Is Giving a Shit the New Optimization?
The media industry is being rebuilt around individuals, trust, and community. Brian Morrissey of People vs. Algorithms has a front-row seat.
For more than a decade, Brian Morrissey built Digiday into one of the most recognized brands in digital media. He shaped how the industry talked about itself.
Then he walked away from it.
In 2020, he launched People vs. Algorithms, a newsletter and podcast exploring the reinvention of media, culture, and technology. No newsroom. No staff of 35, just a point of view intended for a curated audience, and a bet that the future of media belongs to individuals, not institutions.
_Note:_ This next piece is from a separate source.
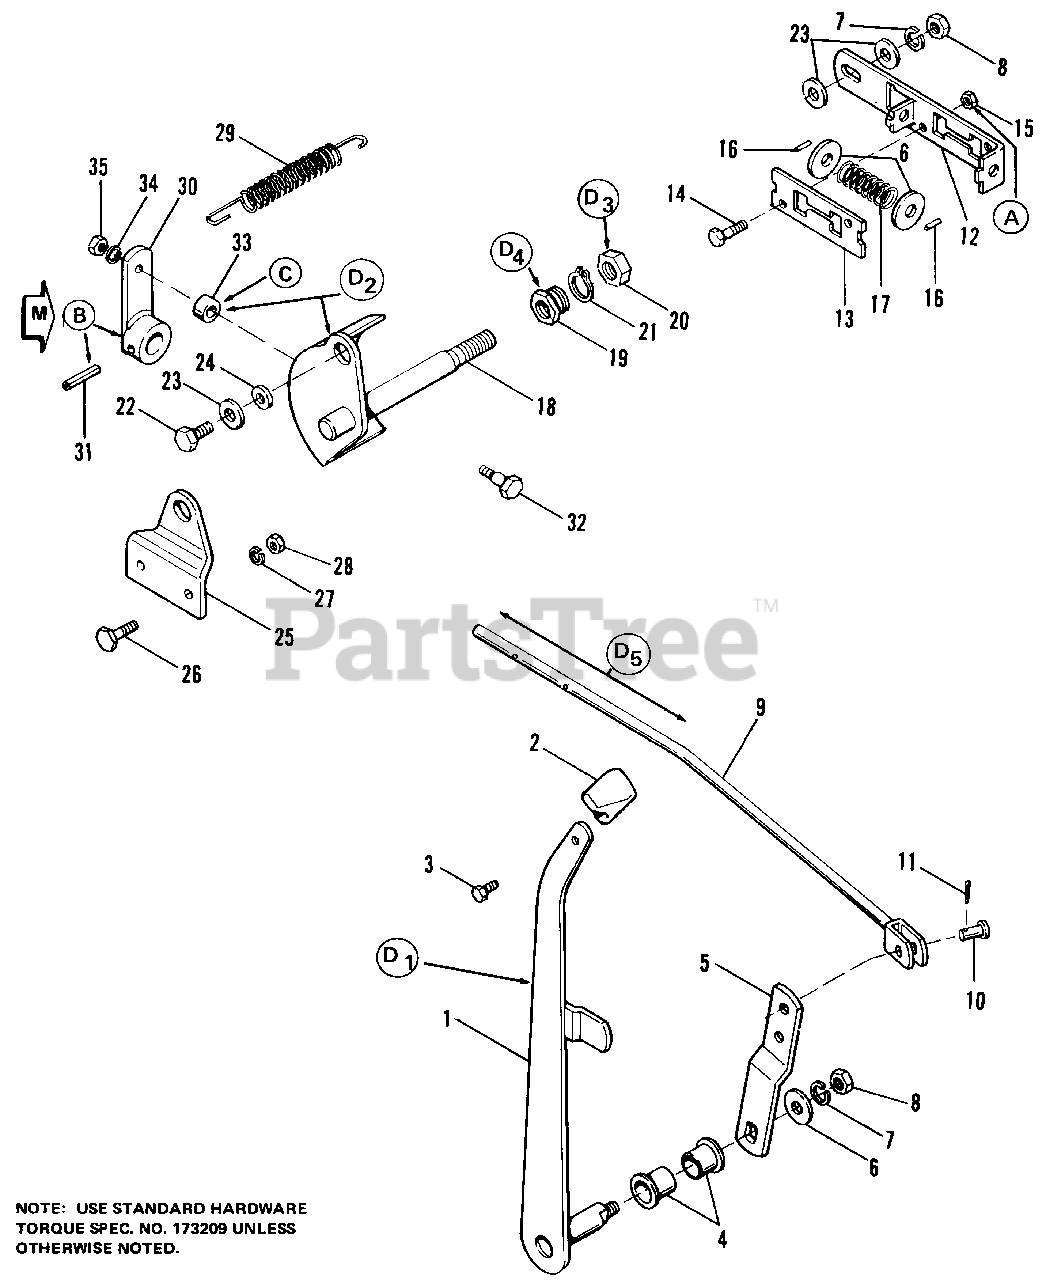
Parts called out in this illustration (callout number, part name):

He was right. And the implications go way beyond publishing.
Because if the people who built legacy media brands are saying the old playbook is dead, what does that mean for the brands still running it?
Let’s talk about it.
KB: You’ve said that the competitive set for attention has gone from a narrow group to literally everyone. Where does that leave brands trying to stand out?
BM: They need to stand for something, but they also need to at least give the appearance of being real. I was struck by that whole thing with CEOs eating their own food. The McDonald’s CEO looked like he’d never had a burger in his life. He was biting into that Big Arch and called it a “product.” Incredibly awkward.
But I think it resonated with people because it spoke to this enshittification that’s happening right now. We financialize everything in this society, and it leads to more money but worse products, worse experiences. People are already seeing this with AI where it’s about creating more stuff, not better stuff. And we’re told it’s just inevitable.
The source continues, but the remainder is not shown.